Exercise material: Begin

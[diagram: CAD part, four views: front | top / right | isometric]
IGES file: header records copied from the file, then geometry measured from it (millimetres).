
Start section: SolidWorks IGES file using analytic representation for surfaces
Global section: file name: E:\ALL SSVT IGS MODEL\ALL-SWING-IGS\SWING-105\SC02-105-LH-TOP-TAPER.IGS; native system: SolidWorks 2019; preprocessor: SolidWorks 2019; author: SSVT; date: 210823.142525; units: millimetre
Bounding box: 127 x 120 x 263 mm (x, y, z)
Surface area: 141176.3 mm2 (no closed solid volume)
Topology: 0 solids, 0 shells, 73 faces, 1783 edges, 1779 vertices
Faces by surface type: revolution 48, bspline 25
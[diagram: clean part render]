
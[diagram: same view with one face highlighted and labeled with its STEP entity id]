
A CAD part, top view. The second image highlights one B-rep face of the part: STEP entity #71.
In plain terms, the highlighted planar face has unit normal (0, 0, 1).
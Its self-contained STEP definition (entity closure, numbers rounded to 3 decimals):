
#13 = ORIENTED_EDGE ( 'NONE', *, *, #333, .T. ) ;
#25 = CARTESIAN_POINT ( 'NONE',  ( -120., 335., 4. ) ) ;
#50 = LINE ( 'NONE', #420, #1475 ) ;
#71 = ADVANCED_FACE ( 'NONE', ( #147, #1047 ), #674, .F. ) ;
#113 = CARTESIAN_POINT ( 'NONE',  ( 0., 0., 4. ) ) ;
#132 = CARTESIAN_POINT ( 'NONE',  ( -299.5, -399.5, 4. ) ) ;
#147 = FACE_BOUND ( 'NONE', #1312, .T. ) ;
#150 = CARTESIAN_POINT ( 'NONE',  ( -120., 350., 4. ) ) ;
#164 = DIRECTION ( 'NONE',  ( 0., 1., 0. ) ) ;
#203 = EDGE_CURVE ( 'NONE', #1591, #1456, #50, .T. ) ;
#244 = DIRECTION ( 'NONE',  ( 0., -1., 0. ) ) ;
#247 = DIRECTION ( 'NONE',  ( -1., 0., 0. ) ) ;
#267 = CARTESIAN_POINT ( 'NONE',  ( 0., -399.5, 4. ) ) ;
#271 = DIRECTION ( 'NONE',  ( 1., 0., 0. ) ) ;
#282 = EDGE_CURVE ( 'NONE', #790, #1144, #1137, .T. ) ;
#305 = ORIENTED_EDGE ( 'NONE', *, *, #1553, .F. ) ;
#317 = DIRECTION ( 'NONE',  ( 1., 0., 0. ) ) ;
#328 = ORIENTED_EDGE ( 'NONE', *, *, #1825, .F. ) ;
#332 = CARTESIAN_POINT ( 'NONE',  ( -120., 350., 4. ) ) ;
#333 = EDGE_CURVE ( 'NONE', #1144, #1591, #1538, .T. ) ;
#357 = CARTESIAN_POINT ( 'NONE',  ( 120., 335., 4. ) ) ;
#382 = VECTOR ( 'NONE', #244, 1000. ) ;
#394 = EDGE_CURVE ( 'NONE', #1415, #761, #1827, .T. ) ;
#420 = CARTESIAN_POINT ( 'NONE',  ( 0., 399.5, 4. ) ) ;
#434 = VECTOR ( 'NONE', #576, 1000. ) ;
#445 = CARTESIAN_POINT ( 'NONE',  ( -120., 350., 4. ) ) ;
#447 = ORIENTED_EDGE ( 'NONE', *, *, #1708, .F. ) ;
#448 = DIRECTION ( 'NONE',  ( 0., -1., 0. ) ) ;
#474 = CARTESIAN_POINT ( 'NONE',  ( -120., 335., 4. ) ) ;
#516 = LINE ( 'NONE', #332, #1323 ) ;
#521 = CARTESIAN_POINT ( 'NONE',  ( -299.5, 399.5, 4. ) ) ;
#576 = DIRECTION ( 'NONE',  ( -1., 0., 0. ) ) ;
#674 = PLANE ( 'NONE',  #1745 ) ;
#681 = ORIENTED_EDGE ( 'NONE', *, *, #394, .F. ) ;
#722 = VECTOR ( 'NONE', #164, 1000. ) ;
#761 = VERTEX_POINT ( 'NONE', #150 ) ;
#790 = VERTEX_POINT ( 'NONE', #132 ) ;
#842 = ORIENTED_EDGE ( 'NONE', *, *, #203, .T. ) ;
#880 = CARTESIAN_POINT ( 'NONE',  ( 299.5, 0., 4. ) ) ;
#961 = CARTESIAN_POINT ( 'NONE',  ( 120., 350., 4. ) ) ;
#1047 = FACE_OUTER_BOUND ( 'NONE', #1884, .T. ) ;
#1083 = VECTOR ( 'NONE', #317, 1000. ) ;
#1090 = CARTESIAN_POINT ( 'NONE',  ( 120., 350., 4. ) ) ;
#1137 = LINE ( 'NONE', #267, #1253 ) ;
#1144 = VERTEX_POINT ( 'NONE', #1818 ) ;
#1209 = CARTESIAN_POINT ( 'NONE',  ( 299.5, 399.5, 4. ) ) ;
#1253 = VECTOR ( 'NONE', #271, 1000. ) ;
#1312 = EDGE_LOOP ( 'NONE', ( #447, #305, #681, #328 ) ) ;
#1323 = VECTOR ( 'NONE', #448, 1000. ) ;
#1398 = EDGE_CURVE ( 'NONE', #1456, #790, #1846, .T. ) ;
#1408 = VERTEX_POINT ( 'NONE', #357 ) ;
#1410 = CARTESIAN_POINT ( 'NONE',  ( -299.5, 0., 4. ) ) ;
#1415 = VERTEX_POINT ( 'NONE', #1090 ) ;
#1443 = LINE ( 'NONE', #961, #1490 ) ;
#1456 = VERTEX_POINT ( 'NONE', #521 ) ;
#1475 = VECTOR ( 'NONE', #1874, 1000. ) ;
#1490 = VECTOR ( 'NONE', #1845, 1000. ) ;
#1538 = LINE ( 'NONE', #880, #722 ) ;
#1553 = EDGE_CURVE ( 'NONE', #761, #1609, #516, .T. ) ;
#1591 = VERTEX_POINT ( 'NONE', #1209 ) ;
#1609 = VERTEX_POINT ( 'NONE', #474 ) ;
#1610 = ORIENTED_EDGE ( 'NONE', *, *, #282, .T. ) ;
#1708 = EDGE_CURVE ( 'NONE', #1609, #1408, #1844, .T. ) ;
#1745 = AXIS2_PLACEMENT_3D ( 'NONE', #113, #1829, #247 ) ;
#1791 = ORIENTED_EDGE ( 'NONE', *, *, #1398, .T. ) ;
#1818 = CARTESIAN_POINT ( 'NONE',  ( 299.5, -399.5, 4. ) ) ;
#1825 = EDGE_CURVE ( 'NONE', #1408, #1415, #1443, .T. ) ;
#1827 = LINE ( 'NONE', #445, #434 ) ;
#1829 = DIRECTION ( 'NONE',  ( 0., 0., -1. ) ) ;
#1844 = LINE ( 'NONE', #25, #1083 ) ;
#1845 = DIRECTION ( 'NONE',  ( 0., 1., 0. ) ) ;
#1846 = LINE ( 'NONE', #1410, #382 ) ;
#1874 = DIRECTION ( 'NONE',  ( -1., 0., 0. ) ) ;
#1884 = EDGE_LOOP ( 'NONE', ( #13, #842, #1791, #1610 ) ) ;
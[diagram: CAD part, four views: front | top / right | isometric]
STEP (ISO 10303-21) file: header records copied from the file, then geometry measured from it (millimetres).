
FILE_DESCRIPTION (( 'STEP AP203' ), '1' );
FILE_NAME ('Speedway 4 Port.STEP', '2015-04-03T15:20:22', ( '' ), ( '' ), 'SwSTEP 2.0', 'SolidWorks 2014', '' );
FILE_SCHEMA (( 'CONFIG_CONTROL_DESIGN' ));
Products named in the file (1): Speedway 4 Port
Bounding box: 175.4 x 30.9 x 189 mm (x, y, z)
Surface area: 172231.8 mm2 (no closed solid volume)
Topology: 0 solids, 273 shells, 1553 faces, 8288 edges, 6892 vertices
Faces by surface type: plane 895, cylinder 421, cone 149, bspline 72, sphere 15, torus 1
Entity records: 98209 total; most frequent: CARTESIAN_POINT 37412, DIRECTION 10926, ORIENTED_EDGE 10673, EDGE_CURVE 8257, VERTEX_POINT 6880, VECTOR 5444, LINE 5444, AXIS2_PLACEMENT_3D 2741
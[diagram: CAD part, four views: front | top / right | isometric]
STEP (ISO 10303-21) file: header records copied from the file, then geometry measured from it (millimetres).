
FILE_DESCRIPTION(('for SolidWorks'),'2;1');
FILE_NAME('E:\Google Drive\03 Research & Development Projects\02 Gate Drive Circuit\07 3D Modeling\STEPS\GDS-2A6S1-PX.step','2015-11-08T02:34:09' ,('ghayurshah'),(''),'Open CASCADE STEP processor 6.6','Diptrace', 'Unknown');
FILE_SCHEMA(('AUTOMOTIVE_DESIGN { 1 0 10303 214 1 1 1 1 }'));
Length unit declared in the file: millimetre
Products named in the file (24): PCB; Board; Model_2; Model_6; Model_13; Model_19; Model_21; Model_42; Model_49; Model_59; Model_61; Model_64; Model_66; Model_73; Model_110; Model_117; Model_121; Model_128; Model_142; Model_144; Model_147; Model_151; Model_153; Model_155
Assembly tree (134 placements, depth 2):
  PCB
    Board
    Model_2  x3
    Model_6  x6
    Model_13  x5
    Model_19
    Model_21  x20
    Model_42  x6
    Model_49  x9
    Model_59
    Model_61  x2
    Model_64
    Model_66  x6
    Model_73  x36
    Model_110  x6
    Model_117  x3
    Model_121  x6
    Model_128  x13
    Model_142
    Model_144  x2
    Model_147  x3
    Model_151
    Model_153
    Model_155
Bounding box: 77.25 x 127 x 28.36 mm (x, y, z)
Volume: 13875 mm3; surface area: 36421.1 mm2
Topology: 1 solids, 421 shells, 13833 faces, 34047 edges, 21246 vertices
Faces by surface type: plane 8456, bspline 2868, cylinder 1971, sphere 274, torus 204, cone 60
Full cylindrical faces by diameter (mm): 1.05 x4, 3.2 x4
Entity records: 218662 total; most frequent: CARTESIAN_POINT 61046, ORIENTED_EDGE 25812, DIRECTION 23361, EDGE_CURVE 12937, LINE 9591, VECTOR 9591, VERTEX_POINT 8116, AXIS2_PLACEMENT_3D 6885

Exercise material: End

Aim of the exercise - Return exactly, and only, the lines above starting at the line that contains "Products named in the file (24): PCB;" and ending at the line that contains "Full cylindrical faces".

Task answer -
Products named in the file (24): PCB; Board; Model_2; Model_6; Model_13; Model_19; Model_21; Model_42; Model_49; Model_59; Model_61; Model_64; Model_66; Model_73; Model_110; Model_117; Model_121; Model_128; Model_142; Model_144; Model_147; Model_151; Model_153; Model_155
Assembly tree (134 placements, depth 2):
  PCB
    Board
    Model_2  x3
    Model_6  x6
    Model_13  x5
    Model_19
    Model_21  x20
    Model_42  x6
    Model_49  x9
    Model_59
    Model_61  x2
    Model_64
    Model_66  x6
    Model_73  x36
    Model_110  x6
    Model_117  x3
    Model_121  x6
    Model_128  x13
    Model_142
    Model_144  x2
    Model_147  x3
    Model_151
    Model_153
    Model_155
Bounding box: 77.25 x 127 x 28.36 mm (x, y, z)
Volume: 13875 mm3; surface area: 36421.1 mm2
Topology: 1 solids, 421 shells, 13833 faces, 34047 edges, 21246 vertices
Faces by surface type: plane 8456, bspline 2868, cylinder 1971, sphere 274, torus 204, cone 60
Full cylindrical faces by diameter (mm): 1.05 x4, 3.2 x4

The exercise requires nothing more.